Filter the records below down to lines containing "name".

Supplied records =
════════

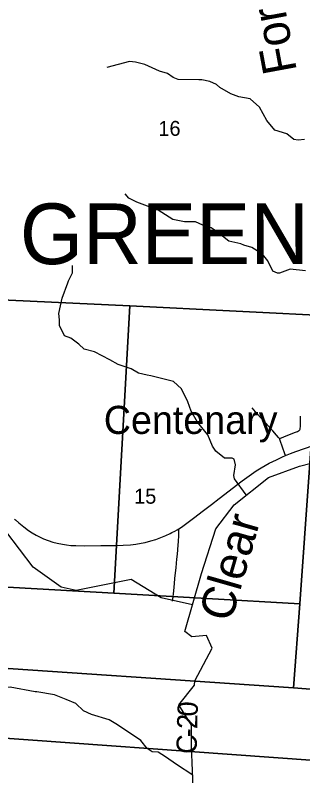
# Model space of a CAD drawing. Extents: x 0 to 34, y 0 to 22.
# Drawn here: x 24.586 to 25.392, y 17.797 to 19.934 of the extents above; entities that cross this region are included whole.
import ezdxf

# ---------------------------------------------------------------- set-up
doc = ezdxf.new("R2010")
doc.units = 0
for name, color, linetype in [('GM_X_County_Road', 7, 'Continuous'), ('GM_X_County_Road_Text', 7, 'Continuous'), ('GM_X_Minor_River', 7, 'Continuous'), ('GM_X_Minor_River_Text', 7, 'Continuous'), ('GM_X_Section', 7, 'Continuous'), ('GM_X_Section_Text', 7, 'Continuous'), ('GM_X_State_Route', 7, 'Continuous'), ('GM_X_Township_Road', 7, 'Continuous'), ('GM_X_Township_Text', 7, 'Continuous'), ('GM_X_Unincorporated_Text', 7, 'Continuous')]:
    doc.layers.add(name, color=color, linetype=linetype)

msp = doc.modelspace()

# ---------------------------------------------------------------- linework, layer by layer
at = {"layer": 'GM_X_County_Road'}
msp.add_lwpolyline([(25.0271, 18.2869), (25.0277, 18.2919), (25.0303, 18.3166), (25.0323, 18.337), (25.0337, 18.3509), (25.0354, 18.3666), (25.0368, 18.3808), (25.0382, 18.3939), (25.0393, 18.4054), (25.0405, 18.419), (25.0417, 18.4316), (25.0428, 18.4456), (25.0434, 18.4539), (25.0442, 18.4732), (25.0443, 18.4852), (25.0443, 18.4908)], dxfattribs=at)
at = {"layer": 'GM_X_Minor_River'}
for points in [[(25.3973, 19.5841), (25.3794, 19.583), (25.3669, 19.5845), (25.3472, 19.6004), (25.3142, 19.611), (25.2911, 19.6376), (25.2711, 19.6756), (25.2445, 19.6988), (25.2131, 19.7041), (25.1907, 19.7124), (25.1596, 19.7306), (25.1505, 19.739), (25.1312, 19.7477), (25.1092, 19.7518), (25.1009, 19.7518), (25.0425, 19.7529), (25.0289, 19.7586), (25.0129, 19.7704), (24.9906, 19.7768), (24.9489, 19.7954), (24.9231, 19.8022), (24.906, 19.8037), (24.8427, 19.7865)], [(25.4002, 19.2158), (25.3566, 19.2203), (25.327, 19.2089), (25.3209, 19.2085), (25.3084, 19.2145), (25.294, 19.2434), (25.2796, 19.262), (25.2497, 19.2806), (25.2273, 19.2874), (25.2182, 19.2909), (25.1849, 19.2992), (25.1493, 19.3269), (25.1348, 19.336), (25.122, 19.3394), (25.0909, 19.3534), (25.0602, 19.3534), (25.028, 19.3598), (24.9866, 19.386), (24.9264, 19.4084), (24.9044, 19.4194), (24.8942, 19.4323)], [(25.2332, 18.5859), (25.2006, 18.6309), (25.199, 18.6404), (25.2036, 18.67), (25.1994, 18.6864), (25.1945, 18.689), (25.1722, 18.689), (25.1483, 18.7091), (25.1392, 18.7232), (25.1263, 18.7551), (25.0971, 18.7901), (25.0789, 18.8216), (25.0702, 18.8478), (25.0517, 18.8843), (25.0293, 18.9044), (24.966, 18.9203), (24.9558, 18.9226), (24.9311, 18.9283), (24.9107, 18.94), (24.8743, 18.9525), (24.8512, 18.965), (24.808, 18.9882), (24.7792, 18.995), (24.7644, 19.0098), (24.742, 19.0265), (24.7242, 19.0329), (24.7102, 19.0618), (24.7102, 19.0782), (24.7079, 19.0953), (24.7174, 19.1386), (24.7334, 19.182), (24.7353, 19.1877), (24.7459, 19.2101), (24.7459, 19.2307)], [(25.0861, 17.7413), (25.0798, 17.8798), (25.0798, 17.9386), (25.0441, 17.9963), (25.0881, 18.0514), (25.0891, 18.0639), (25.1376, 18.1555), (25.1224, 18.191), (25.081, 18.1868), (25.0611, 18.2022), (25.1079, 18.3651), (25.1484, 18.4907), (25.1999, 18.558), (25.2957, 18.6351), (25.3826, 18.667), (25.4443, 18.6827)], [(25.0825, 18.2766), (24.9949, 18.2969), (24.9111, 18.3481), (24.7563, 18.3171), (24.7148, 18.3263), (24.6358, 18.3825), (24.5593, 18.4839)], [(25.0835, 17.7983), (25.0376, 17.8285), (25.0069, 17.8501), (24.9869, 17.8627), (24.9698, 17.8645), (24.9562, 17.8737), (24.9376, 17.8961), (24.8728, 17.9401), (24.8489, 17.9538), (24.7996, 17.9689), (24.7769, 17.9795), (24.7561, 18), (24.7284, 18.0107), (24.6954, 18.0239), (24.6461, 18.0322), (24.6416, 18.033), (24.5711, 18.0455), (24.54, 18.0409), (24.5021, 18.0446), (24.4869, 18.0457), (24.4562, 18.0396), (24.424, 18.0415), (24.3853, 18.0434), (24.3577, 18.0384)]]:
    msp.add_lwpolyline(points, dxfattribs=at)
at = {"layer": 'GM_X_Section'}
for points in [[(24.5388, 20.1708), (25.5703, 20.1097), (25.5433, 19.6923), (25.5164, 19.2759), (25.5041, 19.0909), (25.5038, 19.0874), (24.9075, 19.1174), (24.4668, 19.1382), (24.4804, 19.3317), (24.5096, 19.7459)], [(24.4668, 19.1382), (24.9075, 19.1174), (24.8626, 18.3102), (24.4145, 18.3347), (24.4515, 18.9043)], [(24.9075, 19.1174), (25.5038, 19.0874), (25.4882, 18.8408), (25.4244, 18.8461), (25.3836, 18.2803), (24.8626, 18.3102)], [(25.4882, 18.8408), (25.4369, 18.0387), (25.3665, 18.0434), (25.3836, 18.2803), (25.4244, 18.8461)], [(24.8626, 18.3102), (25.3836, 18.2803), (25.3665, 18.0434), (24.3998, 18.1092), (24.4145, 18.3347)], [(24.3998, 18.1092), (25.3665, 18.0434), (25.4369, 18.0387), (25.4267, 17.8394), (24.3871, 17.9146)], [(25.4267, 17.8394), (25.3999, 17.4262), (24.3605, 17.505), (24.3871, 17.9146)]]:
    msp.add_lwpolyline(points, close=True, dxfattribs=at)
at = {"layer": 'GM_X_State_Route'}
for points in [[(25.0253, 18.4802), (25.0333, 18.4843), (25.0403, 18.4881), (25.0443, 18.4908), (25.0518, 18.4956), (25.0631, 18.5035), (25.0855, 18.5202), (25.114, 18.5422), (25.1358, 18.5587), (25.1579, 18.5759), (25.2226, 18.6252), (25.2416, 18.6392), (25.2614, 18.6531), (25.2757, 18.6619), (25.2983, 18.6748), (25.3182, 18.6849), (25.3356, 18.6931), (25.3437, 18.6965), (25.3579, 18.7026), (25.3724, 18.7081), (25.4212, 18.7244)], [(24.5839, 18.5175), (24.586, 18.5156), (24.5958, 18.5071), (24.6099, 18.4958), (24.623, 18.4862), (24.6329, 18.4797), (24.6446, 18.4727), (24.654, 18.4678), (24.6648, 18.4629), (24.6782, 18.4577), (24.6907, 18.4536), (24.7033, 18.4503), (24.718, 18.4473), (24.7291, 18.4456), (24.7415, 18.4442), (24.7558, 18.4435), (24.7788, 18.4433), (24.826, 18.444), (24.8471, 18.444), (24.8713, 18.4441), (24.8888, 18.4444), (24.9093, 18.4459), (24.9235, 18.4475), (24.9389, 18.4499), (24.9505, 18.4524), (24.9661, 18.4565), (24.9798, 18.4606), (24.9938, 18.4658), (25.0082, 18.4718), (25.0199, 18.4775), (25.0253, 18.4802)]]:
    msp.add_lwpolyline(points, dxfattribs=at)
at = {"layer": 'GM_X_Township_Road'}
for points in [[(25.3437, 18.6965), (25.342, 18.7014), (25.3287, 18.7392), (25.3272, 18.744), (25.3244, 18.7471), (25.3188, 18.7536), (25.3082, 18.7659), (25.2868, 18.7891), (25.2644, 18.814), (25.2504, 18.8307)], [(25.3272, 18.744), (25.3322, 18.7464), (25.3395, 18.7495), (25.3455, 18.7519), (25.3722, 18.7618), (25.3778, 18.7641), (25.3804, 18.7655), (25.3822, 18.7668), (25.3836, 18.7686), (25.3845, 18.7706), (25.3851, 18.7735), (25.3854, 18.7773), (25.3856, 18.7809), (25.3858, 18.7942), (25.3856, 18.8074)]]:
    msp.add_lwpolyline(points, dxfattribs=at)

# ---------------------------------------------------------------- texts
at = {"layer": 'GM_X_County_Road_Text'}
for s, rotation, p in [('0', 87.418, (25.0968, 17.9623)), ('2', 88.5636, (25.096, 17.9276)), ('C', 88.8251, (25.0945, 17.8577)), ('-', 88.7743, (25.0955, 17.9044))]:
    msp.add_text(s, height=0.0568, rotation=rotation, dxfattribs=at).set_placement(p)
at = {"layer": 'GM_X_Minor_River_Text'}
for s, height, rotation, p in [('Fork', 0.09468, 100.5169, (25.376, 19.7774)), ('Clear', 0.09469, 73.9989, (25.1908, 18.2252))]:
    msp.add_text(s, height=height, rotation=rotation, dxfattribs=at).set_placement(p)
at = {"layer": 'GM_X_Section_Text'}
for s, p in [('16', (24.9871, 19.5948)), ('15', (24.9191, 18.5612))]:
    msp.add_text(s, height=0.04186, rotation=0, dxfattribs=at).set_placement(p)
at = {"layer": 'GM_X_Township_Text'}
msp.add_text('GREEN', height=0.17045, rotation=0, dxfattribs=at).set_placement((24.5988, 19.2343))
at = {"layer": 'GM_X_Unincorporated_Text'}
msp.add_text('Centenary', height=0.07898, rotation=0, dxfattribs=at).set_placement((24.8341, 18.7572))

doc.saveas('drawing.dxf')

════════

Answer to this exercise =
for name, color, linetype in [('GM_X_County_Road', 7, 'Continuous'), ('GM_X_County_Road_Text', 7, 'Continuous'), ('GM_X_Minor_River', 7, 'Continuous'), ('GM_X_Minor_River_Text', 7, 'Continuous'), ('GM_X_Section', 7, 'Continuous'), ('GM_X_Section_Text', 7, 'Continuous'), ('GM_X_State_Route', 7, 'Continuous'), ('GM_X_Township_Road', 7, 'Continuous'), ('GM_X_Township_Text', 7, 'Continuous'), ('GM_X_Unincorporated_Text', 7, 'Continuous')]:
    doc.layers.add(name, color=color, linetype=linetype)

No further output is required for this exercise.